If your use case is pragmatic in nature, I would recommend my post on the
topic: [http://alexpetralia.com/posts/2017/6/26/learning-linux-
bash-...](http://alexpetralia.com/posts/2017/6/26/learning-linux-bash-to-get-
things-done)

------
yamaneko
Take a look at this tutorial [1]. It will teach you some shortcuts, a bit of
shell expansion, and help you set sane defaults in bash. One that I'm
particular fond is to set

    
    
      "\e[A": history-search-backward 
      "\e[B": history-search-forward 
    

in your ~/.inputrc. So, if you are typing a command which begins with "git",
it will only search in history for commands that start with git (instead of
returning all commands that may include the string 'git' like Ctrl+r). Having
trouble trying to remember that option you passed to `git log`? Just type in
`git log` and press the up arrow to find your last usages.

I think it is also helpful to learn Emacs or vim keybindings. I use Emacs
keybindings in bash a lot (enabled by default). I have summarized the ones
that I used more often in a previous comment [2].

[1]:
[https://www.ukuug.org/events/linux2003/papers/bash_tips/](https://www.ukuug.org/events/linux2003/papers/bash_tips/)

[2]:
[https://news.ycombinator.com/item?id=13404262](https://news.ycombinator.com/item?id=13404262)

------
chingjun
Just like how you learn any other programming language: use it to solve your
problems.

Anyway, here's a few steps that I would recommend:

1\. Go through [http://tldp.org/LDP/abs/html/](http://tldp.org/LDP/abs/html/)
and [http://www.tldp.org/LDP/Bash-Beginners-
Guide/html/](http://www.tldp.org/LDP/Bash-Beginners-Guide/html/) , or at least
go through the table of contents so that you have a feeling of what bash is
capable of. A few important things are: if, while, for, switch, functions,
string manipulation, pipe, subshell, command substitution

2\. Understand the execution model. Variables in subshell cannot be accessed
from the parent shell, this is a common mistake

3\. Learn to avoid common pitfalls. I always recommend my colleagues to always
quote the variables in double quote, always use "$@" instead of "$*", always
use double square bracket instead of single square bracket for testing, use
echo to pass return value from functions instead of assigning to global
variable

4\. Learn awk, sed, grep. Bash can be quite limiting when it comes to data
processing and these tools can be quite powerful. You can use bash to glue
different filters together at a higher level.

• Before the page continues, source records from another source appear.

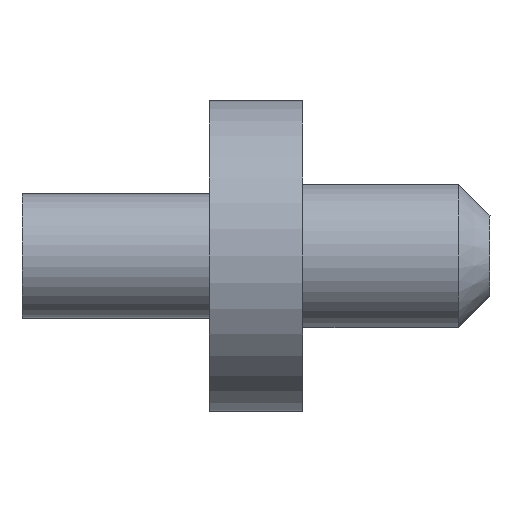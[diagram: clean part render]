
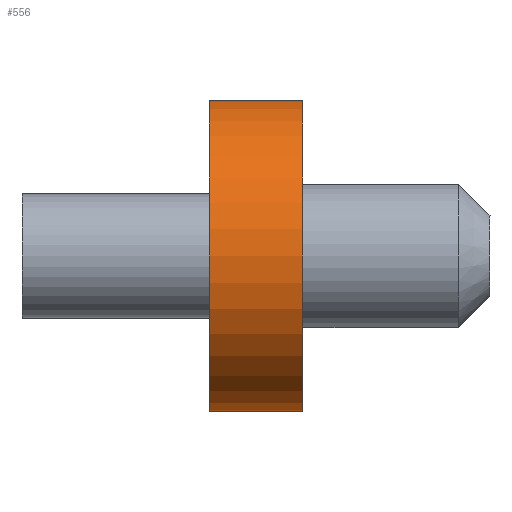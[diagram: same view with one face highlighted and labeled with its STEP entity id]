
A CAD part, left-side view. The second image highlights one B-rep face of the part: STEP entity #556.
In plain terms, the highlighted cylindrical face has radius 2.5 mm (diameter 5 mm), a partial arc.
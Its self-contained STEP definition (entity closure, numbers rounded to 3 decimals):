
#24=CARTESIAN_POINT('',(-12.,63.5,39.5));
#25=DIRECTION('',(0.,1.,0.));
#26=DIRECTION('',(0.,0.,-1.));
#27=AXIS2_PLACEMENT_3D('',#24,#25,#26);
#96=CARTESIAN_POINT('',(-12.,62.,39.5));
#97=DIRECTION('',(0.,-1.,0.));
#98=DIRECTION('',(0.,0.,1.));
#99=AXIS2_PLACEMENT_3D('',#96,#97,#98);
#153=DIRECTION('',(0.,1.,0.));
#154=VECTOR('',#153,1.5);
#155=CARTESIAN_POINT('',(-12.,62.,37.));
#156=LINE('',#155,#154);
#169=DIRECTION('',(0.,1.,0.));
#170=VECTOR('',#169,1.5);
#171=CARTESIAN_POINT('',(-12.,62.,42.));
#172=LINE('',#171,#170);
#341=CARTESIAN_POINT('',(-12.,63.5,37.));
#342=CARTESIAN_POINT('',(-12.,63.5,42.));
#343=VERTEX_POINT('',#341);
#344=VERTEX_POINT('',#342);
#345=CARTESIAN_POINT('',(-12.,62.,42.));
#346=VERTEX_POINT('',#345);
#347=CARTESIAN_POINT('',(-12.,62.,37.));
#348=VERTEX_POINT('',#347);
#544=CARTESIAN_POINT('',(-12.,49.223,39.5));
#545=DIRECTION('',(0.,1.,0.));
#546=DIRECTION('',(0.,0.,1.));
#547=AXIS2_PLACEMENT_3D('',#544,#545,#546);
#548=CYLINDRICAL_SURFACE('',#547,2.5);
#549=ORIENTED_EDGE('',*,*,#413,.T.);
#551=ORIENTED_EDGE('',*,*,#550,.F.);
#552=ORIENTED_EDGE('',*,*,#502,.T.);
#553=ORIENTED_EDGE('',*,*,#538,.T.);
#554=EDGE_LOOP('',(#549,#551,#552,#553));
#555=FACE_OUTER_BOUND('',#554,.F.);
#556=ADVANCED_FACE('',(#555),#548,.T.);
#28=CIRCLE('',#27,2.5);
#100=CIRCLE('',#99,2.5);
#413=EDGE_CURVE('',#343,#344,#28,.T.);
#502=EDGE_CURVE('',#346,#348,#100,.T.);
#538=EDGE_CURVE('',#348,#343,#156,.T.);
#550=EDGE_CURVE('',#346,#344,#172,.T.);

Bash is a fantastic language and there are quite a lot of things that can be
much more quickly in bash than in other "proper" languages. A lot of people
says that it's too difficult to maintain a shell script beyond a "critical
mass" but I believe that if you follow good practices and write modular codes,
shell scripts can be very manageable.

------
rogeruiz
If you're interested in getting better at the terminal, I recommend you learn
how to customize it. it'll really help you learn by doing and figuring out
what it is you want to learn how to do first.

It's what worked for me, though. There are also some workflow ideas that have
really helped a lot. Autocompletion and being about to look through your
history for commands is super helpful too.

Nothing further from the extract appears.